A group of students and parents from Sonora, California, recently embarked on an exciting service adventure with Maranatha Volunteers International. The team spent ten days laying the block walls of a girls dormitory at the Kimogoro Adventist Boarding Primary School in hilly western Kenya. This project is part of Maranatha’s campus-wide transformation at Kimogoro. So far crews and volunteers have constructed dorms, bathrooms, a kitchen and dining hall, and a water well. These structures were rundown and overcrowded, but the school’s 300 students now have beautiful new spaces to live and learn in. In the coming months, multiple volunteer groups will build new classrooms and a church for the campus.

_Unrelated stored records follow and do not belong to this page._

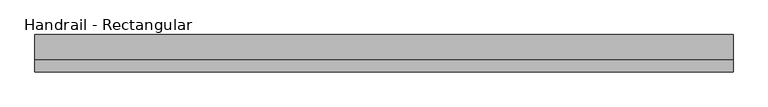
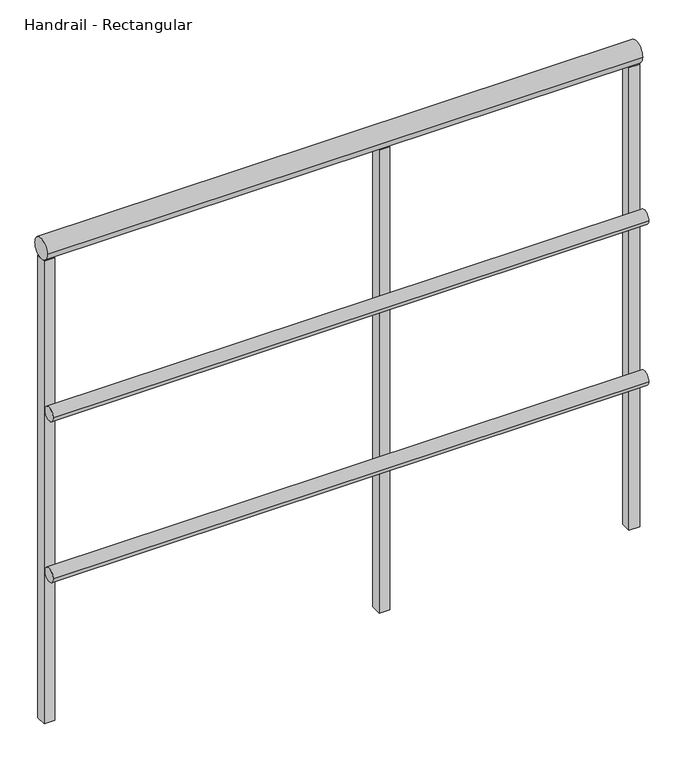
"""IFC4 building model written with IfcOpenShell, lengths in millimetres: railing geometry, Handrail - Rectangular."""

import ifcopenshell
import ifcopenshell.guid

model = None  # the IFC model being written
_history = None  # IfcOwnerHistory: only IFC2X3 demands one
_inside = {}  # id of a spatial element -> (the spatial element, [elements in it])
_under = {}  # id of a project, library or spatial element -> (it, [spatial elements below it])
_declared = {}  # id of a project -> (the project, [libraries it declares])
_typed = {}  # id of a type object -> (the type object, [elements of that type])
_made_of = {}  # id of a material, layer set ... -> (it, [elements and type objects made of it])


def new_model(schema):
    """Start an empty IFC model of exactly this schema.

    Asked for "IFC4X3", IfcOpenShell would pick the latest addendum, in which some entities
    have other attributes; the version numbers below select the first issue.
    IFC2X3 requires an IfcOwnerHistory on every rooted entity: one is made here for all.
    """
    global model, _history
    if schema == "IFC4X3":
        model = ifcopenshell.file(schema_version=(4, 3, 0, 0))
    else:
        model = ifcopenshell.file(schema=schema)
    _inside.clear()
    _under.clear()
    _declared.clear()
    _typed.clear()
    _made_of.clear()
    _history = None
    if model.schema == "IFC2X3":
        org = make("IfcOrganization", Name="unknown")
        user = make(
            "IfcPersonAndOrganization",
            ThePerson=make("IfcPerson", FamilyName="unknown"),
            TheOrganization=org,
        )
        app = make(
            "IfcApplication",
            ApplicationDeveloper=org,
            Version="unknown",
            ApplicationFullName="unknown",
            ApplicationIdentifier="unknown",
        )
        _history = make(
            "IfcOwnerHistory",
            OwningUser=user,
            OwningApplication=app,
            ChangeAction="ADDED",
            CreationDate=0,
        )
    return model


def make(cls, **values):
    """One entity of the class cls with the attributes given. An attribute that is None is left unset."""
    return model.create_entity(
        cls, **{name: value for name, value in values.items() if value is not None}
    )


def rooted(cls, **values):
    """An entity with a GlobalId (a new one), such as an element, a storey or a relation."""
    return make(cls, GlobalId=ifcopenshell.guid.new(), OwnerHistory=_history, **values)


def si_unit(unit_type, name, prefix=None):
    """IfcSIUnit, for example si_unit("LENGTHUNIT", "METRE", prefix="MILLI")."""
    return make("IfcSIUnit", UnitType=unit_type, Prefix=prefix, Name=name)


def assignment(units):
    """IfcUnitAssignment: the units of a project."""
    return None if units is None else make("IfcUnitAssignment", Units=units)


def point(xyz):
    """IfcCartesianPoint."""
    return None if xyz is None else make("IfcCartesianPoint", Coordinates=xyz)


def direction(xyz):
    """IfcDirection."""
    return None if xyz is None else make("IfcDirection", DirectionRatios=xyz)


def frame(location, z_axis=None, x_axis=None):
    """IfcAxis2Placement3D, a coordinate frame: its origin and axes. An axis left out is left unset."""
    return make(
        "IfcAxis2Placement3D",
        Location=point(location),
        Axis=direction(z_axis),
        RefDirection=direction(x_axis),
    )


def frame_2d(location, x_axis=None):
    """IfcAxis2Placement2D, a coordinate frame in the plane: its origin and x axis."""
    return make(
        "IfcAxis2Placement2D", Location=point(location), RefDirection=direction(x_axis)
    )


def origin():
    """The frame at (0, 0, 0) with its axes left unset."""
    return frame((0.0, 0.0, 0.0))


def place(relative_to, where):
    """IfcLocalPlacement: puts the frame where relative to a parent placement (None: the world)."""
    return make(
        "IfcLocalPlacement", PlacementRelTo=relative_to, RelativePlacement=where
    )


def context(
    kind, dimensions, precision=None, world=None, true_north=None, identifier=None
):
    """IfcGeometricRepresentationContext, for example the 3D "Model" context."""
    return make(
        "IfcGeometricRepresentationContext",
        ContextIdentifier=identifier,
        ContextType=kind,
        CoordinateSpaceDimension=dimensions,
        Precision=precision,
        WorldCoordinateSystem=world,
        TrueNorth=true_north,
    )


def project(units=None, contexts=None):
    """IfcProject with its units and contexts."""
    return rooted(
        "IfcProject",
        Name="project",
        RepresentationContexts=contexts,
        UnitsInContext=assignment(units),
    )


def spatial(cls, under=None, at=None, **own):
    """A site, building, storey or space (cls), placed at a placement, below another one or the project."""
    s = rooted(cls, ObjectPlacement=at, **own)
    if under is not None:
        _under.setdefault(under.id(), (under, []))[1].append(s)
    return s


def polyline(points):
    """IfcPolyline through the points."""
    return make("IfcPolyline", Points=[point(p) for p in points])


def circle_curve(where, radius):
    """IfcCircle in the frame where."""
    return make("IfcCircle", Position=where, Radius=radius)


def trimmed(basis, trim1, trim2, sense, master):
    """IfcTrimmedCurve: the piece of a basis curve between two trims."""
    return make(
        "IfcTrimmedCurve",
        BasisCurve=basis,
        Trim1=trim1,
        Trim2=trim2,
        SenseAgreement=sense,
        MasterRepresentation=master,
    )


def segment(curve, same_sense, transition):
    """IfcCompositeCurveSegment."""
    return make(
        "IfcCompositeCurveSegment",
        Transition=transition,
        SameSense=same_sense,
        ParentCurve=curve,
    )


def composite_curve(segments, self_intersect=None):
    """IfcCompositeCurve: segments joined end to end."""
    return make("IfcCompositeCurve", Segments=segments, SelfIntersect=self_intersect)


def outline(outer, holes=None, kind="AREA"):
    """IfcArbitraryClosedProfileDef: a profile drawn as a closed curve; with holes, ...WithVoids."""
    if holes is None:
        return make("IfcArbitraryClosedProfileDef", ProfileType=kind, OuterCurve=outer)
    return make(
        "IfcArbitraryProfileDefWithVoids",
        ProfileType=kind,
        OuterCurve=outer,
        InnerCurves=holes,
    )


def extrude(swept, where, along, depth):
    """IfcExtrudedAreaSolid: the profile swept, set in the frame where, extruded along a direction by depth."""
    return make(
        "IfcExtrudedAreaSolid",
        SweptArea=swept,
        Position=where,
        ExtrudedDirection=direction(along),
        Depth=depth,
    )


def shape(context_of_items, identifier, shape_type, items):
    """IfcShapeRepresentation: the items that make up one representation, for example the "Body"."""
    return make(
        "IfcShapeRepresentation",
        ContextOfItems=context_of_items,
        RepresentationIdentifier=identifier,
        RepresentationType=shape_type,
        Items=items,
    )


def source(mapping_origin, context_of_items, identifier, shape_type, items):
    """IfcRepresentationMap: a shape defined once, which mapped items show again and again."""
    return make(
        "IfcRepresentationMap",
        MappingOrigin=mapping_origin,
        MappedRepresentation=shape(context_of_items, identifier, shape_type, items),
    )


def transform(
    local_origin,
    x_axis=None,
    y_axis=None,
    z_axis=None,
    scale=None,
    scale2=None,
    scale3=None,
    uniform=True,
):
    """IfcCartesianTransformationOperator3D, or its non-uniform kind. x_axis, y_axis, z_axis: its Axis1, 2, 3."""
    if uniform:
        return make(
            "IfcCartesianTransformationOperator3D",
            Axis1=direction(x_axis),
            Axis2=direction(y_axis),
            LocalOrigin=point(local_origin),
            Scale=scale,
            Axis3=direction(z_axis),
        )
    return make(
        "IfcCartesianTransformationOperator3DnonUniform",
        Axis1=direction(x_axis),
        Axis2=direction(y_axis),
        LocalOrigin=point(local_origin),
        Scale=scale,
        Axis3=direction(z_axis),
        Scale2=scale2,
        Scale3=scale3,
    )


def mapped(mapping_source, mapping_target):
    """IfcMappedItem: shows the shape of a source again, moved by a transform."""
    return make(
        "IfcMappedItem", MappingSource=mapping_source, MappingTarget=mapping_target
    )


def made_of(thing, what):
    """Note that an element or type object is made of a material, layer set ...; save() writes the relation."""
    if what is not None:
        _made_of.setdefault(what.id(), (what, []))[1].append(thing)
    return thing


def element(
    cls,
    number,
    at=None,
    inside=None,
    cuts=None,
    type_object=None,
    material=None,
    context=None,
    identifier="Body",
    shape_type=None,
    held_by="IfcProductDefinitionShape",
    body=None,
    shapes=None,
    **own,
):
    """One element of the class cls, such as IfcWall. Its Tag is "e" and its number.

    at: its placement. inside: the storey or other place that contains it. cuts: it is an
    opening in that element (IfcRelVoidsElement). A single representation is given by context,
    identifier, shape_type and body (its items); several are given by shapes. held_by: the class
    of the entity that holds the representations. save() writes the other relations.
    """
    e = rooted(cls, Tag="e%d" % number, ObjectPlacement=at, **own)
    if body is not None:
        shapes = [shape(context, identifier, shape_type, body)]
    if shapes is not None:
        e.Representation = make(held_by, Representations=shapes)
    if inside is not None:
        _inside.setdefault(inside.id(), (inside, []))[1].append(e)
    if cuts is not None:
        rooted(
            "IfcRelVoidsElement", RelatingBuildingElement=cuts, RelatedOpeningElement=e
        )
    if type_object is not None:
        _typed.setdefault(type_object.id(), (type_object, []))[1].append(e)
    return made_of(e, material)


def aggregate(whole, parts):
    """IfcRelAggregates: a whole, such as a stair, and the parts it consists of."""
    return rooted("IfcRelAggregates", RelatingObject=whole, RelatedObjects=parts)


def save(model, path):
    """Write the relations noted so far, then the file.

    IfcRelAggregates (storeys below a building ...), IfcRelContainedInSpatialStructure (elements
    in a storey), IfcRelDefinesByType, IfcRelAssociatesMaterial and IfcRelDeclares: one each for
    every whole, place, type object, material and project.
    """
    for whole, parts in _under.values():
        aggregate(whole, parts)
    for where, things in _inside.values():
        rooted(
            "IfcRelContainedInSpatialStructure",
            RelatedElements=things,
            RelatingStructure=where,
        )
    for kind, things in _typed.values():
        rooted("IfcRelDefinesByType", RelatedObjects=things, RelatingType=kind)
    for what, things in _made_of.values():
        rooted("IfcRelAssociatesMaterial", RelatedObjects=things, RelatingMaterial=what)
    for by, libraries in _declared.values():
        rooted("IfcRelDeclares", RelatingContext=by, RelatedDefinitions=libraries)
    model.write(path)


def handrail_rectangular_beab0f10(model_context):
    return source(origin(), model_context, "Body", "SweptSolid", [
        extrude(outline(composite_curve([segment(trimmed(circle_curve(frame_2d((-35578.5683133, 9740.9)), 12.7), [point((-35591.2683133, 9740.9))], [point((-35565.8683133, 9740.9))], False, "CARTESIAN"), True, "CONTINUOUS"), segment(trimmed(circle_curve(frame_2d((-35578.5683133, 9740.9)), 12.7), [point((-35565.8683133, 9740.9))], [point((-35591.2683133, 9740.9))], False, "CARTESIAN"), True, "CONTINUOUS")], self_intersect=False)), frame((1027.1410437, 0.0, 0.0), z_axis=(1.0, 0.0, 0.0), x_axis=(0.0, 1.0, 0.0)), (0.0, 0.0, 1.0), 1066.8),
        extrude(outline(composite_curve([segment(trimmed(circle_curve(frame_2d((-35578.5683133, 9436.1)), 12.7), [point((-35591.2683133, 9436.1))], [point((-35565.8683133, 9436.1))], False, "CARTESIAN"), True, "CONTINUOUS"), segment(trimmed(circle_curve(frame_2d((-35578.5683133, 9436.1)), 12.7), [point((-35565.8683133, 9436.1))], [point((-35591.2683133, 9436.1))], False, "CARTESIAN"), True, "CONTINUOUS")], self_intersect=False)), frame((1027.1410437, 0.0, 0.0), z_axis=(1.0, 0.0, 0.0), x_axis=(0.0, 1.0, 0.0)), (0.0, 0.0, 1.0), 1066.8),
        extrude(outline(composite_curve([segment(trimmed(circle_curve(frame_2d((-35553.1683133, 10039.35)), 19.05), [point((-35572.2183133, 10039.35))], [point((-35534.1183133, 10039.35))], False, "CARTESIAN"), True, "CONTINUOUS"), segment(trimmed(circle_curve(frame_2d((-35553.1683133, 10039.35)), 19.05), [point((-35534.1183133, 10039.35))], [point((-35572.2183133, 10039.35))], False, "CARTESIAN"), True, "CONTINUOUS")], self_intersect=False)), frame((1027.1410437, 0.0, 0.0), z_axis=(1.0, 0.0, 0.0), x_axis=(0.0, 1.0, 0.0)), (0.0, 0.0, 1.0), 1066.8),
        extrude(outline(polyline([(1627.2160437, -35543.6433133), (1646.2660437, -35543.6433133), (1646.2660437, -35562.6933133), (1627.2160437, -35562.6933133), (1627.2160437, -35543.6433133)])), frame((0.0, 0.0, 9144.0), z_axis=(0.0, 0.0, 1.0), x_axis=(1.0, 0.0, 0.0)), (0.0, 0.0, 1.0), 876.3),
        extrude(outline(polyline([(2074.8910437, -35543.6433133), (2093.9410437, -35543.6433133), (2093.9410437, -35562.6933133), (2074.8910437, -35562.6933133), (2074.8910437, -35543.6433133)])), frame((0.0, 0.0, 9144.0), z_axis=(0.0, 0.0, 1.0), x_axis=(1.0, 0.0, 0.0)), (0.0, 0.0, 1.0), 876.3),
        extrude(outline(polyline([(1027.1410437, -35543.6433133), (1046.1910437, -35543.6433133), (1046.1910437, -35562.6933133), (1027.1410437, -35562.6933133), (1027.1410437, -35543.6433133)])), frame((0.0, 0.0, 9144.0), z_axis=(0.0, 0.0, 1.0), x_axis=(1.0, 0.0, 0.0)), (0.0, 0.0, 1.0), 876.3),
    ])


if __name__ == "__main__":
    model = new_model("IFC4")
    model_context = context("Model", 3, world=origin())
    ifc_project = project(units=[si_unit("LENGTHUNIT", "METRE", prefix="MILLI")], contexts=[model_context])
    site = spatial("IfcSite", under=ifc_project)
    building = spatial("IfcBuilding", under=site)
    placement = place(None, origin())
    handrail_rectangular_shape = handrail_rectangular_beab0f10(model_context)
    element("IfcRailing", 1, ObjectType="Handrail - Rectangular", at=placement, inside=building, context=model_context, shape_type="MappedRepresentation", body=[
        mapped(handrail_rectangular_shape, transform((0.0, 0.0, 0.0), x_axis=(1.0, 0.0, 0.0), y_axis=(0.0, 1.0, 0.0), z_axis=(0.0, 0.0, 1.0))),
    ])
    save(model, "model.ifc")

The 46-member Sonora team included some of Maranatha’s youngest volunteers to lay block at a construction site. Fifth through eighth graders worked right alongside highschoolers and parents, tackling hard manual labor with energetic determination. “We have a lot of strong-willed kids,” remarked project coordinator Jennifer Neufeld-Trujillo. These kids rose above and beyond the task at hand. Not only did the group reach their goal of completing the girls dorm, but also 80 percent of its bathroom block.

After each day of physically-demanding labor, volunteers still had the energy to lead a Vacation Bible School (VBS) program for Kimogoro students. They shared their love for Jesus through songs, crafts, health talks, and Bible story skits. They also shared their love for sports. “We took sports equipment with us because that’s what our students love,” said Neufeld-Trujillo. Sonora kids were thrilled to discover that Kimogoro students love sports too. The groups bonded during games like soccer, volleyball, kickball, and jump rope.

A surprise aspect of this trip was the medical assistance Sonora volunteers provided. This need became apparent to Neufeld-Trujillo during the first couple days at the campus. “I saw a little girl sitting down and crying,” she recalled. “She was holding her knee and I thought she must have fallen during one of the games. Her knee was infected. She couldn’t bend it. She was limping.” Neufeld-Trujillo and a couple other parent volunteers are healthcare providers. After treating the little girl’s leg, school staff brought more and more students to them for care. “It was an impromptu clinic we thought would last a couple hours, and it ended up lasting the rest of the day,” said Neufeld-Trujillo. By the clinic’s close, they had treated roughly 70 patients with medicine donated by the Adventist Health Sonora hospital. They brought it with them in case volunteers became ill or injured. “It was such a blessing because we had medicine that we could use to treat them,” said Neufeld-Trujillo.

Neufeld-Trujillo believes her team proved what is possible with God’s guidance and support. “Our team was phenomenal!” she exclaimed. “They were enthusiastic and positive, and strong in attitude and body. They are the ones who made the project successful. They allowed God to use them to do immeasurably more than all we could ask or imagine.”

Maranatha Volunteers International, a supporting ministry of the Seventh-day Adventist Church, mobilizes volunteers to build churches, schools, water wells, and other urgently needed structures around the world. Maranatha has been working in Kenya since 2016, building One-Day Churches, schools, and drilling water wells. More than 1,000 structures have been completed so far.